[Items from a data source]
-*-*-
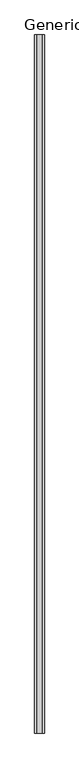
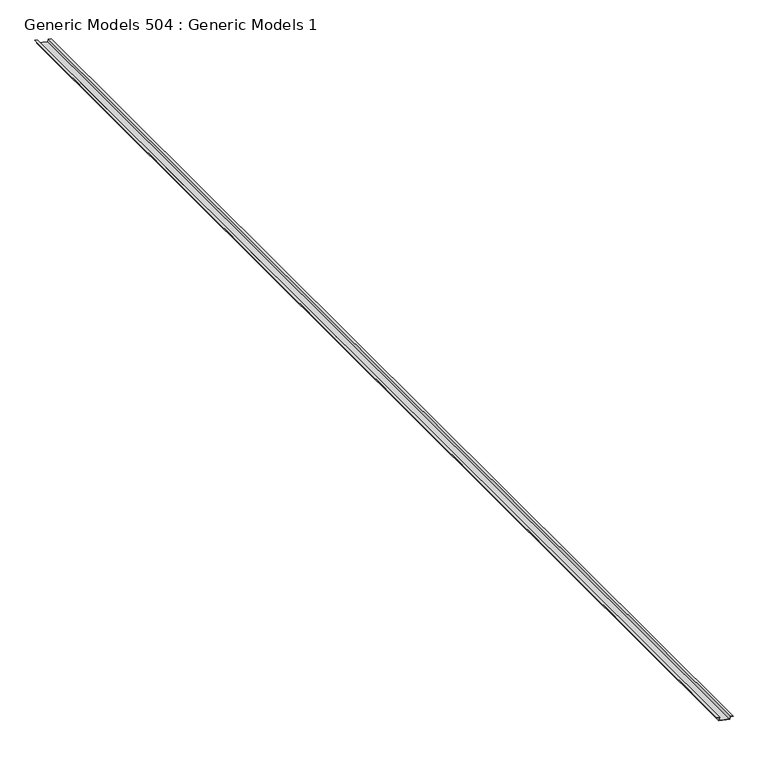
"""IFC4 building model written with IfcOpenShell, lengths in millimetres: proxy geometry, Generic Models 504 : Generic Models 1."""

from ifc_helpers import new_model, si_unit, frame, origin, place, context, project, spatial, polyline, outline, extrude, source, transform, mapped, element, save


def generic_models_504_generic_models_1_86192962(model_context):
    return source(origin(), model_context, "Body", "SweptSolid", [
        extrude(outline(polyline([(129388.9030565, 1929.8860622), (129393.5426114, 1911.3278425), (129375.0613968, 1906.7075389), (129392.926571, 1835.2468423), (129411.4077856, 1839.8671459), (129416.0473405, 1821.3089263), (129414.8152595, 1821.000906), (129410.4837249, 1838.3270447), (129392.0025102, 1833.7067411), (129373.5212956, 1907.6315996), (129392.0025102, 1912.2519032), (129387.6709755, 1929.578042), (129388.9030565, 1929.8860622)])), frame((0.0, 306.6963299, 0.0), z_axis=(0.0, 1.0, 0.0), x_axis=(0.0, 0.0, 1.0)), (0.0, 0.0, 1.0), 7886.7),
    ])


if __name__ == "__main__":
    model = new_model("IFC4")
    model_context = context("Model", 3, world=origin())
    ifc_project = project(units=[si_unit("LENGTHUNIT", "METRE", prefix="MILLI")], contexts=[model_context])
    site = spatial("IfcSite", under=ifc_project)
    building = spatial("IfcBuilding", under=site)
    placement = place(None, origin())
    generic_models_504_generic_models_1_shape = generic_models_504_generic_models_1_86192962(model_context)
    element("IfcBuildingElementProxy", 1, Name="Generic Models 504 : Generic Models 1", ObjectType="Generic Models 504 : Generic Models 1", at=placement, inside=building, context=model_context, shape_type="MappedRepresentation", body=[
        mapped(generic_models_504_generic_models_1_shape, transform((0.0, 0.0, 0.0), x_axis=(1.0, 0.0, 0.0), y_axis=(0.0, 1.0, 0.0), z_axis=(0.0, 0.0, 1.0))),
    ])
    save(model, "model.ifc")

# Revit data of these elements
# Element 1 (IfcBuildingElementProxy, "Generic Models 504 : Generic Models 1")
#   Materials on its faces: "_CONTINUOUS 16 GA. VENTED SOFFIT"
# Materials
#   "_CONTINUOUS 16 GA. VENTED SOFFIT": class "Generic", colour RGB 253 192 103, transparency 0, Cost = 0
-*-*-
**TASK**
Lines holding the word "IfcBuildingElementProxy" in the entries above are the ones to pull out. Copy them all.

**ANSWER TO THIS EXERCISE**
    element("IfcBuildingElementProxy", 1, Name="Generic Models 504 : Generic Models 1", ObjectType="Generic Models 504 : Generic Models 1", at=placement, inside=building, context=model_context, shape_type="MappedRepresentation", body=[
# Element 1 (IfcBuildingElementProxy, "Generic Models 504 : Generic Models 1")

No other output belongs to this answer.